You know those days when nothing seems to go right? Well, today has been one of those days. Despite glorious weather, that I should just have decided to stay out to enjoy regardless of all the chores to do indoors, I didn't, and my day seems to have been frittered away rather disappointingly. The dog and I had a shortish walk and came home so that I could fill in that incomprehensible form the Tax Office has sent me so that they can tax my pension. (So-o-o-o unfair!) This entailed finding all sorts of information about savings and a great deal more. Heaven knows where my ancient Post Office account book is, and I don't recall ever reaching the £60 mark in it, but the powers-that-be want to know all about it. Dispirited, I postponed the tax form for another day and did some baking instead: a large chocolate tray-bake for someone other than me, and a very small, hopefully cute, chocolate cake for Suzy, who is 59 today.
Both were to be topped with a dark chocolate icing, the tray-bake decorated with small piped white chocolate hearts, and the birthday cake with something that would reflect Suzy's interests or favourite colours, or both. Excluding her particular favourites: anything black, and cigarettes.
These modest ambitions have swallowed up my day and left me feeling a dismal failure (well, not really, but let's be melodramatic). The tray-bake was fine, if fairly conventional. Suzy's cake tin had been overfilled, so that it flowed out onto the Experimental Cupcakes beneath. These were supposed to be heart-shaped, as I read recently how if you indent the paper case with a ball of foil, and pinch in the opposite side of the case, the heart shape miraculously results. Ooh, let's try that, I thought, in time for Valentine's Day. Shapeless blobs miraculously resulted for me. They are now in the freezer to press onto visiting children, who don't care so much about the cupcake aesthetic.
Digression: I have a small and delightful team of official Tasters who live in my street, all aged 12 or under, and who sample new things that I've baked. They call regularly and ask if I have anything that needs to be Tasted. Their standards of criticism, constructive or otherwise, are sadly lacking. They just stuff the samples into their little beaks, say "Delicious!", look for second helpings, and that's that. They eat anything. In a former life, they were probably little dogs. I do love them for it though.
Anyway, I cooled and trimmed Suzy's cake, and it looked better, and smelled and felt fine. Catastrophe averted. The dog thought the trimmings were very nice, thank you.
The dark chocolate frosting was going well until I ambitiously added some Bailey's (of which I seem to have 2 bottles, for no good reason that I can think of), whereupon it began to split. This is a disaster, and most sensible people throw it away and start again. Unsensible and undaunted, I ploughed on, knowing that a generous dusting of cocoa powder added later hides a multitude of sins. The piped hearts also looked fine at the time, but stubbornly refused to set on their baking paper - why didn't I pipe them directly onto the cake, you ask? Because piping isn't a skill I possess, really, and indeed there were several decidedly wobbly hearts to be rejected.
Decorating Suzy's cake proved a nightmare. The vision: tiny white tulips in a pale green wrapper, all made of delicately coloured icing sugar. The reality: tulip failure, to be turned into white rosebuds. I can make rosebuds. Then the wrapper proved too delicate and fell apart, and the smidgin of pink blush to liven up the roses looked more like some tiny person had spilled tomato sauce on them.

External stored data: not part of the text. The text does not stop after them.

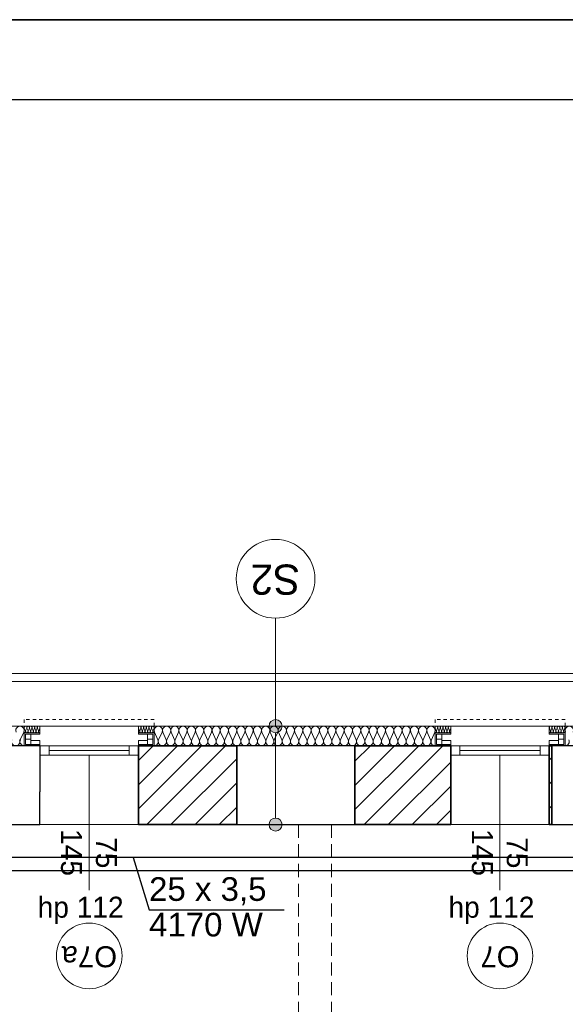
# Model space of a CAD drawing. Header units: inches. Extents: x -515158 to -470211, y -1887 to 84268.
# Tile 69 of 102: x -483723 to -479566, y 42969 to 50469. Entities that reach past the tile are written whole.
import ezdxf
from ezdxf.lldxf.tags import DXFTag

# ---------------------------------------------------------------- set-up
doc = ezdxf.new("R2010")
doc.units = ezdxf.units.IN
doc.header["$MEASUREMENT"] = 0
doc.linetypes.add('Hidden Line', pattern=[50, 25, -25])
doc.linetypes.add('Krawędzie ukryte', pattern=[150, 100, -50])
for name, color, linetype, lineweight in [('#podkład', 252, 'Continuous', 9), ('Arch ocieplenie_Nr_Pióra__44', 252, 'Continuous', 9), ('Arch opisy okien_Nr_Pióra__9', 252, 'Continuous', 9), ('Arch opisy_Nr_Pióra__1', 252, 'Continuous', 25), ('Arch opisy_Nr_Pióra__21', 252, 'Continuous', 9), ('Arch opisy_Nr_Pióra__9', 252, 'Continuous', 9), ('Arch teren_Nr_Pióra__5', 252, 'Continuous', 13), ('Arch wykończenie_Nr_Pióra__3', 252, 'Continuous', 18), ('Arch wyposarzenie_Nr_Pióra__10', 252, 'Continuous', 18), ('Arch zmurowania_Nr_Pióra__21', 252, 'Continuous', 9), ('Arch zmurowania_Nr_Pióra__27', 252, 'Continuous', 35), ('INWENT. OKNA_Nr_Pióra__21', 252, 'Continuous', 9), ('INWENT. OKNA_Nr_Pióra__5', 252, 'Continuous', 13), ('INWENT.ŚCIANY_Nr_Pióra__1', 252, 'Continuous', 25), ('INWENT.ŚCIANY_Nr_Pióra__21', 252, 'Continuous', 9), ('Istniejące stropy_Nr_Pióra__5', 252, 'Continuous', 13)]:
    doc.layers.add(name, color=color, linetype=linetype, lineweight=lineweight)
doc.layers.add('_TABELA', color=7, linetype='Continuous')
for name, color, linetype, true_color in [('IS_Opisy_działek_Therm', 7, 'SOLID', 0x000000), ('IS_Powrót', 5, 'DASH', 0x0000ff), ('IS_Zasilanie', 1, 'SOLID', 0xff0000)]:
    doc.layers.add(name, color=color, linetype=linetype, true_color=true_color)
doc.styles.add('GENERATED_STYLE_10', font='arial.ttf')
doc.styles.add('GENERATED_STYLE_7', font='txt')
tags = doc.linetypes.add('DASH', pattern=[15, 10, -5]).pattern_tags.tags
tags[6:7] = [DXFTag(74, 4), DXFTag(75, 0), DXFTag(340, '0'), DXFTag(46, 0.0), DXFTag(50, 0.0), DXFTag(44, 0.0), DXFTag(45, 0.0)]
tags[4:5] = [DXFTag(74, 4), DXFTag(75, 0), DXFTag(340, '0'), DXFTag(46, 0.0), DXFTag(50, 0.0), DXFTag(44, 0.0), DXFTag(45, 0.0)]
tags = doc.linetypes.add('SOLID', pattern=[10, 10, 0]).pattern_tags.tags
tags[6:7] = [DXFTag(74, 4), DXFTag(75, 0), DXFTag(340, '0'), DXFTag(46, 0.0), DXFTag(50, 0.0), DXFTag(44, 0.0), DXFTag(45, 0.0)]
tags[4:5] = [DXFTag(74, 4), DXFTag(75, 0), DXFTag(340, '0'), DXFTag(46, 0.0), DXFTag(50, 0.0), DXFTag(44, 0.0), DXFTag(45, 0.0)]
pattern_1 = [(45, (0, 0), (-91.923878, 91.923878), [])]

# ---------------------------------------------------------------- blocks, each defined once
blk = doc.blocks.new('parter')
at = {"layer": 'Arch opisy_Nr_Pióra__21', "linetype": 'Continuous'}
for points in [[(-481723.3, 45087.6), (-481727.1, 45106.8), (-481737.9, 45123), (-481754.1, 45133.8), (-481773.3, 45137.6), (-481792.4, 45133.8), (-481808.6, 45123), (-481819.4, 45106.8), (-481823.3, 45087.6), (-481819.4, 45068.5), (-481808.6, 45052.3), (-481792.4, 45041.4), (-481773.3, 45037.6), (-481754.1, 45041.4), (-481737.9, 45052.3), (-481727.1, 45068.5)], [(-481723.3, 44337.6), (-481727.1, 44356.8), (-481737.9, 44373), (-481754.1, 44383.8), (-481773.3, 44387.6), (-481792.4, 44383.8), (-481808.6, 44373), (-481819.4, 44356.8), (-481823.3, 44337.6), (-481819.4, 44318.5), (-481808.6, 44302.3), (-481792.4, 44291.4), (-481773.3, 44287.6), (-481754.1, 44291.4), (-481737.9, 44302.3), (-481727.1, 44318.5)]]:
    blk.add_hatch(color=252, dxfattribs=at).paths.add_polyline_path(points, flags=0)
at = {"layer": 'Arch zmurowania_Nr_Pióra__21', "linetype": 'Continuous'}
h = blk.add_hatch(dxfattribs=at)
h.set_pattern_fill('Common_Brick', color=252, style=0, pattern_type=2)
h.set_pattern_definition(pattern_1)
h.paths.add_polyline_path([(-482818.3, 44337.6), (-482068.3, 44337.6), (-482068.3, 44937.6), (-482818.3, 44937.6)], flags=0)
h = blk.add_hatch(dxfattribs=at)
h.set_pattern_fill('Common_Brick', color=252, style=0, pattern_type=2)
h.set_pattern_definition(pattern_1)
h.paths.add_polyline_path([(-481168.3, 44337.6), (-480438.7, 44337.6), (-480438.7, 44937.6), (-481168.3, 44937.6)], flags=0)
h = blk.add_hatch(dxfattribs=at)
h.set_pattern_fill('Common_Brick', color=252, style=0, pattern_type=2)
h.set_pattern_definition(pattern_1)
h.paths.add_polyline_path([(-479688.7, 44337.6), (-479668.3, 44337.6), (-479668.3, 44937.6), (-479688.7, 44937.6)], flags=0)
at = {"layer": 'Arch ocieplenie_Nr_Pióra__44', "color": 252, "linetype": 'Continuous'}
for p, q in [((-483717.9, 44982.3), (-483691, 45042.9)), ((-483687.5, 45072.7), (-483679.2, 45052.5)), ((-483677.5, 45052.5), (-483669.2, 45072.7)), ((-483667.5, 45072.7), (-483659.2, 45052.5)), ((-483657.5, 45052.5), (-483649.2, 45072.7)), ((-483647.5, 45072.7), (-483639.2, 45052.5)), ((-483637.5, 45052.5), (-483629.2, 45072.7)), ((-483627.5, 45072.7), (-483619.2, 45052.5)), ((-483617.5, 45052.5), (-483609.2, 45072.7)), ((-483607.5, 45072.7), (-483599.2, 45052.5)), ((-483597.5, 45052.5), (-483589.2, 45072.7)), ((-483587.5, 45072.7), (-483579.2, 45052.5)), ((-483577.5, 45052.5), (-483569.2, 45072.7)), ((-482817.5, 45072.7), (-482809.2, 45052.5)), ((-482807.5, 45052.5), (-482799.2, 45072.7)), ((-482797.5, 45072.7), (-482789.2, 45052.5)), ((-482787.5, 45052.5), (-482779.2, 45072.7)), ((-482777.5, 45072.7), (-482769.2, 45052.5)), ((-482767.5, 45052.5), (-482759.2, 45072.7)), ((-482757.5, 45072.7), (-482749.2, 45052.5)), ((-482747.5, 45052.5), (-482739.2, 45072.7)), ((-482737.5, 45072.7), (-482729.2, 45052.5)), ((-482727.5, 45052.5), (-482719.2, 45072.7)), ((-482717.5, 45072.7), (-482709.2, 45052.5)), ((-482707.5, 45052.5), (-482699.2, 45072.7)), ((-482695.7, 45042.9), (-482669.5, 44982.3)), ((-482664.2, 44982.3), (-482638, 45042.9)), ((-482632.7, 45042.9), (-482606.5, 44982.3)), ((-482601.3, 44982.3), (-482575.1, 45042.9)), ((-482569.8, 45042.9), (-482543.6, 44982.3)), ((-482538.3, 44982.3), (-482512.1, 45042.9)), ((-482506.8, 45042.9), (-482480.6, 44982.3)), ((-482475.3, 44982.3), (-482449.2, 45042.9)), ((-482443.9, 45042.9), (-482417.7, 44982.3)), ((-482412.4, 44982.3), (-482386.2, 45042.9)), ((-482380.9, 45042.9), (-482354.7, 44982.3)), ((-482349.4, 44982.3), (-482323.2, 45042.9)), ((-482318, 45042.9), (-482291.8, 44982.3)), ((-482286.5, 44982.3), (-482260.3, 45042.9)), ((-482255, 45042.9), (-482228.8, 44982.3)), ((-482223.5, 44982.3), (-482197.3, 45042.9)), ((-482192.1, 45042.9), (-482165.9, 44982.3)), ((-482160.6, 44982.3), (-482134.4, 45042.9)), ((-482129.1, 45042.9), (-482102.9, 44982.3)), ((-482097.6, 44982.3), (-482071.4, 45042.9)), ((-482066.1, 45042.9), (-482040, 44982.3)), ((-482034.7, 44982.3), (-482008.5, 45042.9)), ((-482003.2, 45042.9), (-481977, 44982.3)), ((-481971.7, 44982.3), (-481945.5, 45042.9)), ((-481940.2, 45042.9), (-481914.1, 44982.3)), ((-481908.8, 44982.3), (-481882.6, 45042.9)), ((-481877.3, 45042.9), (-481851.1, 44982.3)), ((-481845.8, 44982.3), (-481819.6, 45042.9)), ((-481814.3, 45042.9), (-481788.1, 44982.3)), ((-481782.9, 44982.3), (-481756.7, 45042.9)), ((-481751.4, 45042.9), (-481725.2, 44982.3)), ((-481719.9, 44982.3), (-481693.7, 45042.9)), ((-481688.4, 45042.9), (-481662.2, 44982.3)), ((-481657, 44982.3), (-481630.8, 45042.9)), ((-481625.5, 45042.9), (-481599.3, 44982.3)), ((-481594, 44982.3), (-481567.8, 45042.9)), ((-481562.5, 45042.9), (-481536.3, 44982.3)), ((-481531, 44982.3), (-481504.9, 45042.9)), ((-481499.6, 45042.9), (-481473.4, 44982.3)), ((-481468.1, 44982.3), (-481441.9, 45042.9)), ((-481436.6, 45042.9), (-481410.4, 44982.3)), ((-481405.1, 44982.3), (-481378.9, 45042.9)), ((-481373.7, 45042.9), (-481347.5, 44982.3)), ((-481342.2, 44982.3), (-481316, 45042.9)), ((-481310.7, 45042.9), (-481284.5, 44982.3)), ((-481279.2, 44982.3), (-481253, 45042.9)), ((-481247.8, 45042.9), (-481221.6, 44982.3)), ((-481216.3, 44982.3), (-481190.1, 45042.9)), ((-481184.8, 45042.9), (-481158.6, 44982.3)), ((-481153.3, 44982.3), (-481127.1, 45042.9)), ((-481121.8, 45042.9), (-481095.7, 44982.3)), ((-481090.4, 44982.3), (-481064.2, 45042.9)), ((-481058.9, 45042.9), (-481032.7, 44982.3)), ((-481027.4, 44982.3), (-481001.2, 45042.9)), ((-480995.9, 45042.9), (-480969.8, 44982.3)), ((-480964.5, 44982.3), (-480938.3, 45042.9)), ((-480933, 45042.9), (-480906.8, 44982.3)), ((-480901.5, 44982.3), (-480875.3, 45042.9)), ((-480870, 45042.9), (-480843.8, 44982.3)), ((-480838.6, 44982.3), (-480812.4, 45042.9)), ((-480807.1, 45042.9), (-480780.9, 44982.3)), ((-480775.6, 44982.3), (-480749.4, 45042.9)), ((-480744.1, 45042.9), (-480717.9, 44982.3)), ((-480712.6, 44982.3), (-480686.5, 45042.9)), ((-480681.2, 45042.9), (-480655, 44982.3)), ((-480649.7, 44982.3), (-480623.5, 45042.9)), ((-480618.2, 45042.9), (-480592, 44982.3)), ((-480586.7, 44982.3), (-480560.6, 45042.9)), ((-480557.1, 45072.7), (-480548.7, 45052.5)), ((-480547.1, 45052.5), (-480538.7, 45072.7)), ((-480537.1, 45072.7), (-480528.7, 45052.5)), ((-480527.1, 45052.5), (-480518.7, 45072.7)), ((-480517.1, 45072.7), (-480508.7, 45052.5)), ((-480507.1, 45052.5), (-480498.7, 45072.7)), ((-480497.1, 45072.7), (-480488.7, 45052.5)), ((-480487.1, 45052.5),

So in the end, in desperation and with time running out, I cut out little letters in vivid acid green - one of her favourite colours: there is a theme of sorts here, you know - spelling out SUZY OAP-1, (minus 1 - geddit?) wrapped a lime-yellow spotted ribbon round it all, hoping it would look like a granny headscarf, stuck a little striped yellow candle into the whole sorry mess, and took it down to her before her birthday actually ended. I don't think she was impressed, but without knowing the amount of discarded work that came before it, why should she be? Also, she had that wired-into-the-mains look of someone who wasn't quite ready for her own birthday party and was running out of time.
In the end, freshly-piped wobbly hearts were required, and they look fine, in a playschooly sort of way. At such moments I tell myself that home baking should look hand made; symmetry is for mass produced factory cake. (But I would like it to look handmade by a grown woman, not a 3-year-old.)
I had already given my apologies to Suzy, not being party-minded and tending towards doom and despair tonight anyway. Lynn popped in, listened patiently to me moaning, and tidied my table while I made cups of tea. While I haven't yet found all the other papers I need in order to fill in the form from the Tax Office, at least the form now sits amongst a tidy heap of things labelled To Do, without a trace of white chocolate, cocoa powder or tears to be seen.